» Your instructions: Exclude all pictures. Then restate, word for word, the entries from the first line through the line that contains "Length unit declared in the file: millimetre".

Entries taken from a collection:
--- START ---

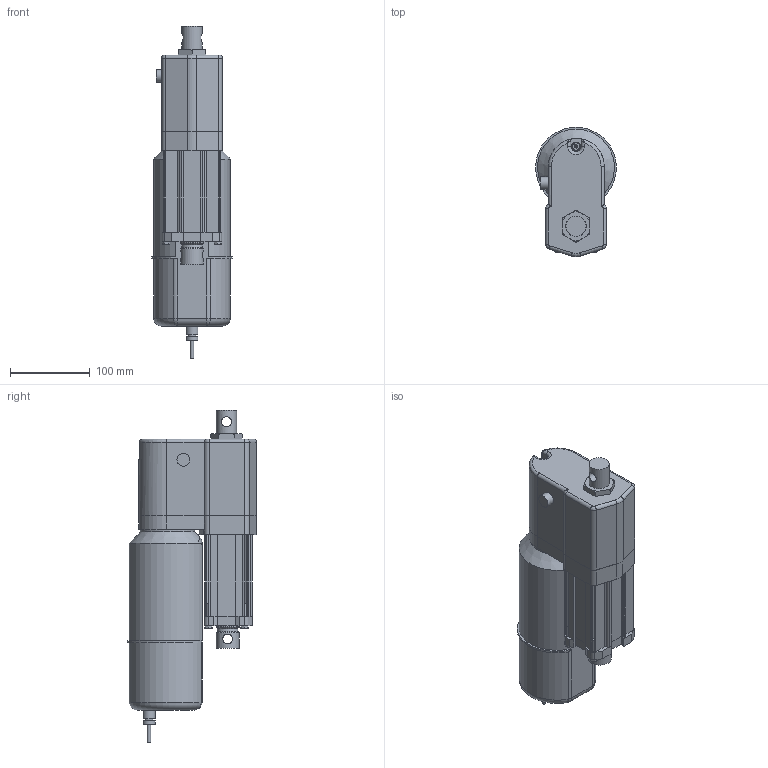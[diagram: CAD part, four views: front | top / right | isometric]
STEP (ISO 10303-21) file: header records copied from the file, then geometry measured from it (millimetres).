
FILE_DESCRIPTION (( 'STEP AP214' ), '1' );
FILE_NAME ('AA22-05A65M-05M0NPO-tollo.step', '2020-04-13T18:57:29', ( '' ), ( '' ), 'SwSTEP 2.0', 'SolidWorks 2010', '' );
FILE_SCHEMA (( 'AUTOMOTIVE_DESIGN' ));
Length unit declared in the file: millimetre
Products named in the file (8): Electrak-LA24-Motor-AA22-05A65M-05M0NPO-tollo_Electrak-LA24-Motor-AA22-05A65M-05M0NPO-tollo; Electrak-LA24-Rear-AA22-05A65M-05M0NPO-tollo_Electrak-LA24-Rear-AA22-05A65M-05M0NPO-tollo; Electrak-LA24-Tube-AA22-05A65M-05M0NPO-tollo_Electrak-LA24-Tube-AA22-05A65M-05M0NPO-tollo; Electrak-LA24-Rod-AA22-05A65M-05M0NPO-tollo_Electrak-LA24-Rod-AA22-05A65M-05M0NPO-tollo; Electrak-LA24-Plate-AA22-05A65M-05M0NPO-tollo_Electrak-LA24-Plate-AA22-05A65M-05M0NPO-tollo; Screw-MFX-H-M5_Screw-MFX-H-M5x24H; Screw-M6S-M5-AA22-05A65M-05M0NPO-tollo_Screw-M6S-M5-AA22-05A65M-05M0NPO-tollo; AA22-05A65M-05M0NPO-tollo
Assembly tree (10 placements, depth 2):
  AA22-05A65M-05M0NPO-tollo
    Screw-M6S-M5-AA22-05A65M-05M0NPO-tollo_Screw-M6S-M5-AA22-05A65M-05M0NPO-tollo  x4
    Screw-MFX-H-M5_Screw-MFX-H-M5x24H
    Electrak-LA24-Rod-AA22-05A65M-05M0NPO-tollo_Electrak-LA24-Rod-AA22-05A65M-05M0NPO-tollo
    Electrak-LA24-Tube-AA22-05A65M-05M0NPO-tollo_Electrak-LA24-Tube-AA22-05A65M-05M0NPO-tollo
    Electrak-LA24-Rear-AA22-05A65M-05M0NPO-tollo_Electrak-LA24-Rear-AA22-05A65M-05M0NPO-tollo
    Electrak-LA24-Motor-AA22-05A65M-05M0NPO-tollo_Electrak-LA24-Motor-AA22-05A65M-05M0NPO-tollo
    Electrak-LA24-Plate-AA22-05A65M-05M0NPO-tollo_Electrak-LA24-Plate-AA22-05A65M-05M0NPO-tollo
Bounding box: 100.99 x 162.5 x 415.3 mm (x, y, z)
Volume: 2920451.4 mm3; surface area: 253066.3 mm2
Topology: 10 solids, 10 shells, 355 faces, 890 edges, 575 vertices
Faces by surface type: plane 175, cylinder 129, cone 31, torus 15, bspline 3, sphere 2
Full cylindrical faces by diameter (mm): 4 x1, 4.126 x5, 4.8 x6, 5 x5, 5.6 x4, 7.878 x4, 9.3 x1, 10 x1, 12.2 x2, 15 x2, 16 x1, 25.4 x1, 28.6 x4, 47.625 x1, 68 x1
Entity records: 9673 total; most frequent: CARTESIAN_POINT 2403, DIRECTION 1454, ORIENTED_EDGE 1342, EDGE_CURVE 671, AXIS2_PLACEMENT_3D 531, VERTEX_POINT 462, LINE 392, VECTOR 392

--- END ---

» Task output:
[diagram: CAD part, four views: front | top / right | isometric]
STEP (ISO 10303-21) file: header records copied from the file, then geometry measured from it (millimetres).
FILE_DESCRIPTION (( 'STEP AP214' ), '1' );
FILE_NAME ('AA22-05A65M-05M0NPO-tollo.step', '2020-04-13T18:57:29', ( '' ), ( '' ), 'SwSTEP 2.0', 'SolidWorks 2010', '' );
FILE_SCHEMA (( 'AUTOMOTIVE_DESIGN' ));
Length unit declared in the file: millimetre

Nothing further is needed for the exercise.